The inspiration is this gorgeous Rock Paper Scissors browser game that uses machine learning and the webcam. That is, the web browser activates your webcam, and you make a fist (rock), flat hand (paper), or scissors gesture, and the A.I. which is also running in the web browser recognises it, and then the computer makes its move. All without hitting the server.

Check out the live graph in the background of that site. It provides a view of the classifier internals - how confident the machine is in recognising your gesture.

What this tells me is that all of this can be done with a web browser and a tablet with a camera in it. For robustness, stick the tablet inside the shop window, looking out through the glass. Set the web browser to show the live feed from the webcam, providing discoverability: people will see the moving image, understand it as a mirror, and experiment with gestures.

It would be like a touchscreen with very large buttons, only you wave at it to interact.
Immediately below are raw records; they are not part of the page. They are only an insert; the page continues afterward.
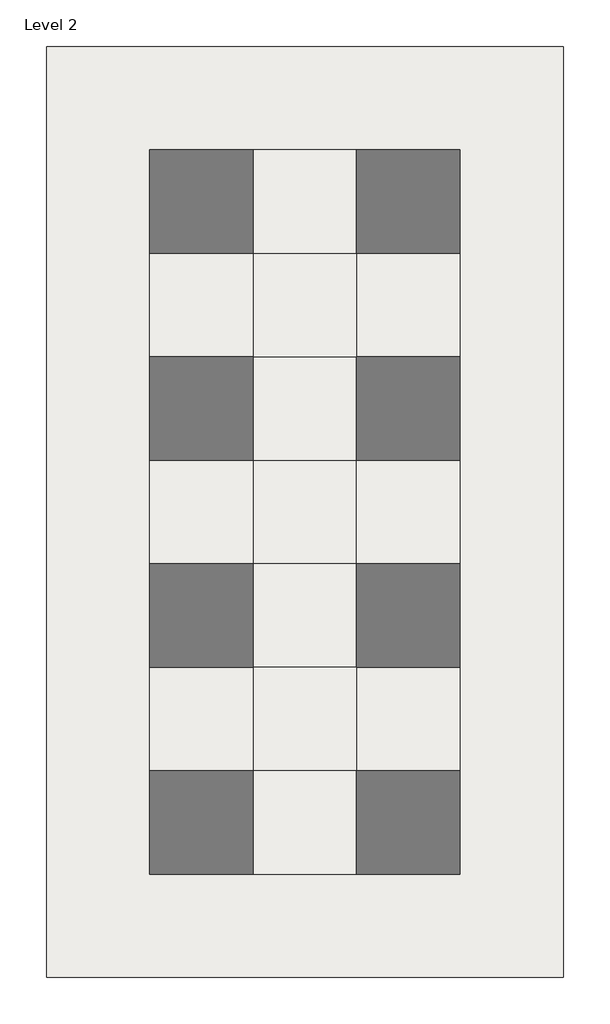
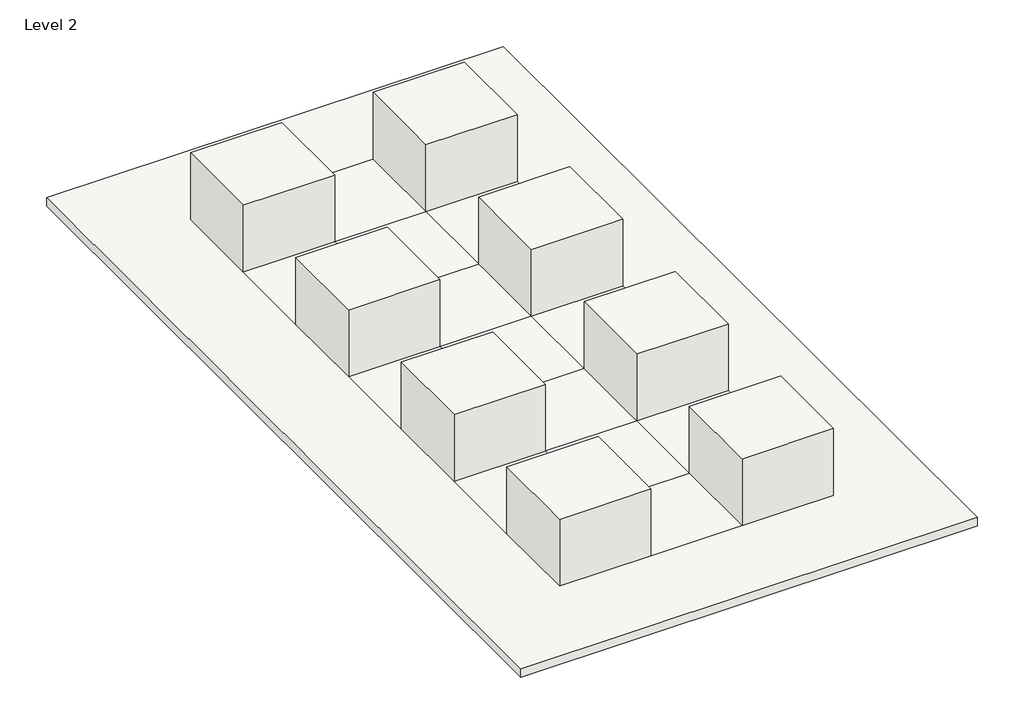
# One storey: 9 roofs.
"""IFC4 building model written with IfcOpenShell, lengths in millimetres."""

from ifc_helpers import new_model, si_unit, origin, place, context, project, spatial, faceted_brep, element, save

model = new_model("IFC4")

# Units and contexts
model_context = context("Model", 3, world=origin())
ifc_project = project(units=[si_unit("LENGTHUNIT", "METRE", prefix="MILLI")], contexts=[model_context])

# Site, building, storey
site = spatial("IfcSite", under=ifc_project)
building = spatial("IfcBuilding", under=site)
storey = spatial("IfcBuildingStorey", under=building, Name="Level 2", Elevation=8000.0)

# Roofs
placement = place(None, origin())
element("IfcRoof", 1, ObjectType="Bauder_RoofCoveringSystem_IntensiveGreenRoofSystem", at=placement, inside=storey, context=model_context, shape_type="Brep", body=[
    faceted_brep([(-674.7340554, 1676.2074539, 8000.0), (1325.2659446, 1676.2074539, 8000.0), (1325.2659446, -323.7925461, 8000.0), (-674.7340554, -323.7925461, 8000.0), (1325.2659446, 1676.2074539, 9749.8), (-674.7340554, 1676.2074539, 9749.8), (-674.7340554, -323.7925461, 9749.8), (1325.2659446, -323.7925461, 9749.8), (1325.2659446, 1676.2074539, 8200.0), (-674.7340554, 1676.2074539, 8200.0), (-674.7340554, -323.7925461, 8200.0), (1325.2659446, -323.7925461, 8200.0)], [[[0, 1, 2, 3]], [[4, 5, 6, 7]], [[5, 4, 8, 1, 0, 9]], [[6, 5, 9, 0, 3, 10]], [[7, 6, 10, 3, 2, 11]], [[4, 7, 11, 2, 1, 8]]]),
])
element("IfcRoof", 2, ObjectType="Bauder_RoofCoveringSystem_IntensiveGreenRoofSystem", at=placement, inside=storey, context=model_context, shape_type="Brep", body=[
    faceted_brep([(3325.2659446, 1676.2074539, 8000.0), (5325.2659446, 1676.2074539, 8000.0), (5325.2659446, -323.7925461, 8000.0), (3325.2659446, -323.7925461, 8000.0), (5325.2659446, 1676.2074539, 9749.8), (3325.2659446, 1676.2074539, 9749.8), (3325.2659446, -323.7925461, 9749.8), (5325.2659446, -323.7925461, 9749.8), (5325.2659446, 1676.2074539, 8200.0), (3325.2659446, 1676.2074539, 8200.0), (3325.2659446, -323.7925461, 8200.0), (5325.2659446, -323.7925461, 8200.0)], [[[0, 1, 2, 3]], [[4, 5, 6, 7]], [[5, 4, 8, 1, 0, 9]], [[6, 5, 9, 0, 3, 10]], [[7, 6, 10, 3, 2, 11]], [[4, 7, 11, 2, 1, 8]]]),
])
element("IfcRoof", 3, ObjectType="Bauder_RoofCoveringSystem_IntensiveGreenRoofSystem", at=placement, inside=storey, context=model_context, shape_type="Brep", body=[
    faceted_brep([(3325.2659446, -2323.7925461, 8000.0), (5325.2659446, -2323.7925461, 8000.0), (5325.2659446, -4323.7925461, 8000.0), (3325.2659446, -4323.7925461, 8000.0), (5325.2659446, -2323.7925461, 9749.8), (3325.2659446, -2323.7925461, 9749.8), (3325.2659446, -4323.7925461, 9749.8), (5325.2659446, -4323.7925461, 9749.8), (5325.2659446, -2323.7925461, 8200.0), (3325.2659446, -2323.7925461, 8200.0), (3325.2659446, -4323.7925461, 8200.0), (5325.2659446, -4323.7925461, 8200.0)], [[[0, 1, 2, 3]], [[4, 5, 6, 7]], [[5, 4, 8, 1, 0, 9]], [[6, 5, 9, 0, 3, 10]], [[7, 6, 10, 3, 2, 11]], [[4, 7, 11, 2, 1, 8]]]),
])
element("IfcRoof", 4, ObjectType="Bauder_RoofCoveringSystem_IntensiveGreenRoofSystem", at=placement, inside=storey, context=model_context, shape_type="Brep", body=[
    faceted_brep([(3325.2659446, -6323.7925461, 8000.0), (5325.2659446, -6323.7925461, 8000.0), (5325.2659446, -8323.7925461, 8000.0), (3325.2659446, -8323.7925461, 8000.0), (5325.2659446, -6323.7925461, 9749.8), (3325.2659446, -6323.7925461, 9749.8), (3325.2659446, -8323.7925461, 9749.8), (5325.2659446, -8323.7925461, 9749.8), (5325.2659446, -6323.7925461, 8200.0), (3325.2659446, -6323.7925461, 8200.0), (3325.2659446, -8323.7925461, 8200.0), (5325.2659446, -8323.7925461, 8200.0)], [[[0, 1, 2, 3]], [[4, 5, 6, 7]], [[5, 4, 8, 1, 0, 9]], [[6, 5, 9, 0, 3, 10]], [[7, 6, 10, 3, 2, 11]], [[4, 7, 11, 2, 1, 8]]]),
])
element("IfcRoof", 5, ObjectType="Bauder_RoofCoveringSystem_IntensiveGreenRoofSystem", at=placement, inside=storey, context=model_context, shape_type="Brep", body=[
    faceted_brep([(3325.2659446, -10323.7925461, 8000.0), (5325.2659446, -10323.7925461, 8000.0), (5325.2659446, -12323.7925461, 8000.0), (3325.2659446, -12323.7925461, 8000.0), (5325.2659446, -10323.7925461, 9749.8), (3325.2659446, -10323.7925461, 9749.8), (3325.2659446, -12323.7925461, 9749.8), (5325.2659446, -12323.7925461, 9749.8), (5325.2659446, -10323.7925461, 8200.0), (3325.2659446, -10323.7925461, 8200.0), (3325.2659446, -12323.7925461, 8200.0), (5325.2659446, -12323.7925461, 8200.0)], [[[0, 1, 2, 3]], [[4, 5, 6, 7]], [[5, 4, 8, 1, 0, 9]], [[6, 5, 9, 0, 3, 10]], [[7, 6, 10, 3, 2, 11]], [[4, 7, 11, 2, 1, 8]]]),
])
element("IfcRoof", 6, ObjectType="Bauder_RoofCoveringSystem_IntensiveGreenRoofSystem", at=placement, inside=storey, context=model_context, shape_type="Brep", body=[
    faceted_brep([(-674.7340554, -10323.7925461, 8000.0), (1325.2659446, -10323.7925461, 8000.0), (1325.2659446, -12323.7925461, 8000.0), (-674.7340554, -12323.7925461, 8000.0), (1325.2659446, -10323.7925461, 9749.8), (-674.7340554, -10323.7925461, 9749.8), (-674.7340554, -12323.7925461, 9749.8), (1325.2659446, -12323.7925461, 9749.8), (1325.2659446, -10323.7925461, 8200.0), (-674.7340554, -10323.7925461, 8200.0), (-674.7340554, -12323.7925461, 8200.0), (1325.2659446, -12323.7925461, 8200.0)], [[[0, 1, 2, 3]], [[4, 5, 6, 7]], [[5, 4, 8, 1, 0, 9]], [[6, 5, 9, 0, 3, 10]], [[7, 6, 10, 3, 2, 11]], [[4, 7, 11, 2, 1, 8]]]),
])
element("IfcRoof", 7, ObjectType="Bauder_RoofCoveringSystem_IntensiveGreenRoofSystem", at=placement, inside=storey, context=model_context, shape_type="Brep", body=[
    faceted_brep([(-674.7340554, -6323.7925461, 8000.0), (1325.2659446, -6323.7925461, 8000.0), (1325.2659446, -8323.7925461, 8000.0), (-674.7340554, -8323.7925461, 8000.0), (1325.2659446, -6323.7925461, 9749.8), (-674.7340554, -6323.7925461, 9749.8), (-674.7340554, -8323.7925461, 9749.8), (1325.2659446, -8323.7925461, 9749.8), (1325.2659446, -6323.7925461, 8200.0), (-674.7340554, -6323.7925461, 8200.0), (-674.7340554, -8323.7925461, 8200.0), (1325.2659446, -8323.7925461, 8200.0)], [[[0, 1, 2, 3]], [[4, 5, 6, 7]], [[5, 4, 8, 1, 0, 9]], [[6, 5, 9, 0, 3, 10]], [[7, 6, 10, 3, 2, 11]], [[4, 7, 11, 2, 1, 8]]]),
])
element("IfcRoof", 8, ObjectType="Bauder_RoofCoveringSystem_IntensiveGreenRoofSystem", at=placement, inside=storey, context=model_context, shape_type="Brep", body=[
    faceted_brep([(-674.7340554, -2323.7925461, 8000.0), (1325.2659446, -2323.7925461, 8000.0), (1325.2659446, -4323.7925461, 8000.0), (-674.7340554, -4323.7925461, 8000.0), (1325.2659446, -2323.7925461, 9749.8), (-674.7340554, -2323.7925461, 9749.8), (-674.7340554, -4323.7925461, 9749.8), (1325.2659446, -4323.7925461, 9749.8), (1325.2659446, -2323.7925461, 8200.0), (-674.7340554, -2323.7925461, 8200.0), (-674.7340554, -4323.7925461, 8200.0), (1325.2659446, -4323.7925461, 8200.0)], [[[0, 1, 2, 3]], [[4, 5, 6, 7]], [[5, 4, 8, 1, 0, 9]], [[6, 5, 9, 0, 3, 10]], [[7, 6, 10, 3, 2, 11]], [[4, 7, 11, 2, 1, 8]]]),
])
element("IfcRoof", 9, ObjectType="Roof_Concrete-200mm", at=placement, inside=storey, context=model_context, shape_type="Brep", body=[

Look, the Minority Report gestural interface is cool but dumb because your arms get knackered in like 30 seconds. But just using your hands or fingers? I could live with a future where we do tiny techno dancing at our devices to interact with them.


Whatever the approaches, the important considerations for public computing interfaces would seem to be:

  • Discoverability (how do you know the interface is there? Public computing has a ton of first-time users)
  • Privacy/security (think of using an ATM on a public street)
  • Familiarity (like, weird is fun, but not too weird…)
  • Accessibility
  • Viability

On accessibility, I’m into Microsoft’s Inclusive Design approach - to see it summarised in a single graphic, scroll to the permanent/temporary/situation diagram here: accommodations might be required for visual impairments, but a person with a cataract has temporary blindness; a distracted driver has situational blindness. For me, understanding situational accessibility (like, having my arms full of shopping or a wriggling toddler so I can’t press a touchscreen) really made me start thinking about accessibility in a much broader way.

Viability is about the commercial and physical reality of public computing interfaces: can it withstand being used 100s of times daily, is it reliable in the rain, is it cheap, etc.

BUT, LIKE, ALSO:

Touchscreens with cameras, web browsers with computer vision, broadly deployed smartphones, augmented reality, voice: these technologies weren’t around when the last generation of public computing interfaces was being invented. It might be worth experimenting to see what else can be done?